__Task item__: Return all the data verbatim but without images.

__Material for this exercise__:
● ● ● ● ● ● ●
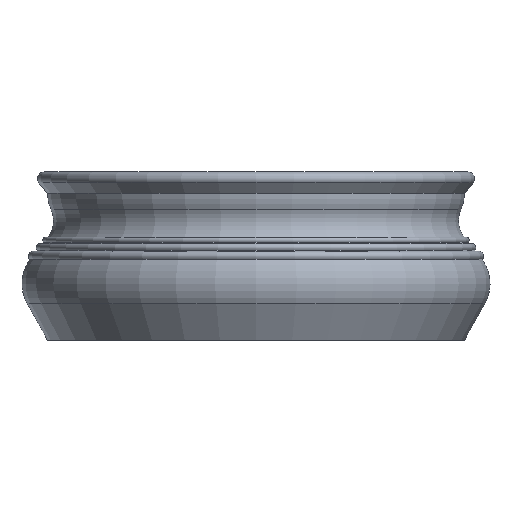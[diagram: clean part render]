
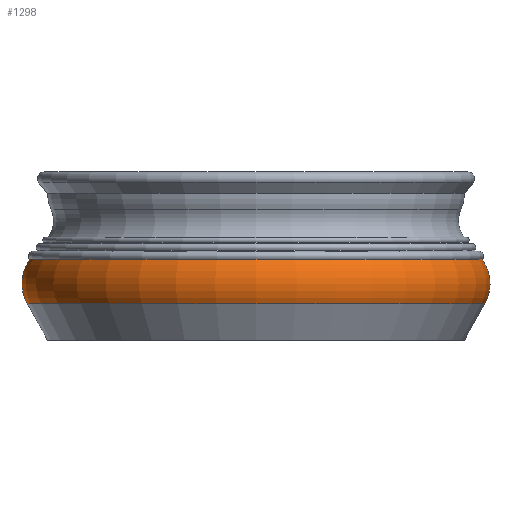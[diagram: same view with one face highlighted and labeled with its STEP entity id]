
A CAD part, front view. The second image highlights one B-rep face of the part: STEP entity #1298.
In plain terms, the highlighted toroidal (fillet/blend) face has major radius 143.45 mm and minor radius 30.55 mm.
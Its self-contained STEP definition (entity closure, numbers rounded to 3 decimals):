
#22=TOROIDAL_SURFACE('',#1475,143.45,30.55);
#164=FACE_OUTER_BOUND('',#280,.T.);
#280=EDGE_LOOP('',(#1187,#1188,#1189,#1190));
#517=CIRCLE('',#1439,170.128);
#539=CIRCLE('',#1476,168.152);
#540=CIRCLE('',#1477,30.55);
#642=VERTEX_POINT('',#2198);
#657=VERTEX_POINT('',#2257);
#805=EDGE_CURVE('',#642,#642,#517,.T.);
#834=EDGE_CURVE('',#657,#657,#539,.T.);
#835=EDGE_CURVE('',#657,#642,#540,.T.);
#1187=ORIENTED_EDGE('',*,*,#834,.F.);
#1188=ORIENTED_EDGE('',*,*,#835,.T.);
#1189=ORIENTED_EDGE('',*,*,#805,.T.);
#1190=ORIENTED_EDGE('',*,*,#835,.F.);
#1298=ADVANCED_FACE('',(#164),#22,.T.);
#1439=AXIS2_PLACEMENT_3D('',#2199,#1805,#1806);
#1475=AXIS2_PLACEMENT_3D('',#2256,#1884,#1885);
#1476=AXIS2_PLACEMENT_3D('',#2258,#1886,#1887);
#1477=AXIS2_PLACEMENT_3D('',#2259,#1888,#1889);
#1805=DIRECTION('center_axis',(0.,0.,1.));
#1806=DIRECTION('ref_axis',(1.,0.,0.));
#1884=DIRECTION('center_axis',(0.,0.,1.));
#1885=DIRECTION('ref_axis',(1.,0.,0.));
#1886=DIRECTION('center_axis',(0.,0.,1.));
#1887=DIRECTION('ref_axis',(1.,0.,0.));
#1888=DIRECTION('center_axis',(0.,-1.,0.));
#1889=DIRECTION('ref_axis',(-1.,0.,0.));
#2198=CARTESIAN_POINT('',(-170.128,0.,27.115));
#2199=CARTESIAN_POINT('Origin',(0.,0.,27.115));
#2256=CARTESIAN_POINT('Origin',(0.,0.,42.));
#2257=CARTESIAN_POINT('',(-168.152,0.,59.976));
#2258=CARTESIAN_POINT('Origin',(0.,0.,59.976));
#2259=CARTESIAN_POINT('Origin',(-143.45,0.,
42.));
● ● ● ● ● ● ●
__Response to the exercise__:
[diagram: clean part render]
[diagram: same view with one face highlighted and labeled with its STEP entity id]
A CAD part, front view. The second image highlights one B-rep face of the part: STEP entity #1298.
In plain terms, the highlighted toroidal (fillet/blend) face has major radius 143.45 mm and minor radius 30.55 mm.
Its self-contained STEP definition (entity closure, numbers rounded to 3 decimals):
#22=TOROIDAL_SURFACE('',#1475,143.45,30.55);
#164=FACE_OUTER_BOUND('',#280,.T.);
#280=EDGE_LOOP('',(#1187,#1188,#1189,#1190));
#517=CIRCLE('',#1439,170.128);
#539=CIRCLE('',#1476,168.152);
#540=CIRCLE('',#1477,30.55);
#642=VERTEX_POINT('',#2198);
#657=VERTEX_POINT('',#2257);
#805=EDGE_CURVE('',#642,#642,#517,.T.);
#834=EDGE_CURVE('',#657,#657,#539,.T.);
#835=EDGE_CURVE('',#657,#642,#540,.T.);
#1187=ORIENTED_EDGE('',*,*,#834,.F.);
#1188=ORIENTED_EDGE('',*,*,#835,.T.);
#1189=ORIENTED_EDGE('',*,*,#805,.T.);
#1190=ORIENTED_EDGE('',*,*,#835,.F.);
#1298=ADVANCED_FACE('',(#164),#22,.T.);
#1439=AXIS2_PLACEMENT_3D('',#2199,#1805,#1806);
#1475=AXIS2_PLACEMENT_3D('',#2256,#1884,#1885);
#1476=AXIS2_PLACEMENT_3D('',#2258,#1886,#1887);
#1477=AXIS2_PLACEMENT_3D('',#2259,#1888,#1889);
#1805=DIRECTION('center_axis',(0.,0.,1.));
#1806=DIRECTION('ref_axis',(1.,0.,0.));
#1884=DIRECTION('center_axis',(0.,0.,1.));
#1885=DIRECTION('ref_axis',(1.,0.,0.));
#1886=DIRECTION('center_axis',(0.,0.,1.));
#1887=DIRECTION('ref_axis',(1.,0.,0.));
#1888=DIRECTION('center_axis',(0.,-1.,0.));
#1889=DIRECTION('ref_axis',(-1.,0.,0.));
#2198=CARTESIAN_POINT('',(-170.128,0.,27.115));
#2199=CARTESIAN_POINT('Origin',(0.,0.,27.115));
#2256=CARTESIAN_POINT('Origin',(0.,0.,42.));
#2257=CARTESIAN_POINT('',(-168.152,0.,59.976));
#2258=CARTESIAN_POINT('Origin',(0.,0.,59.976));
#2259=CARTESIAN_POINT('Origin',(-143.45,0.,
42.));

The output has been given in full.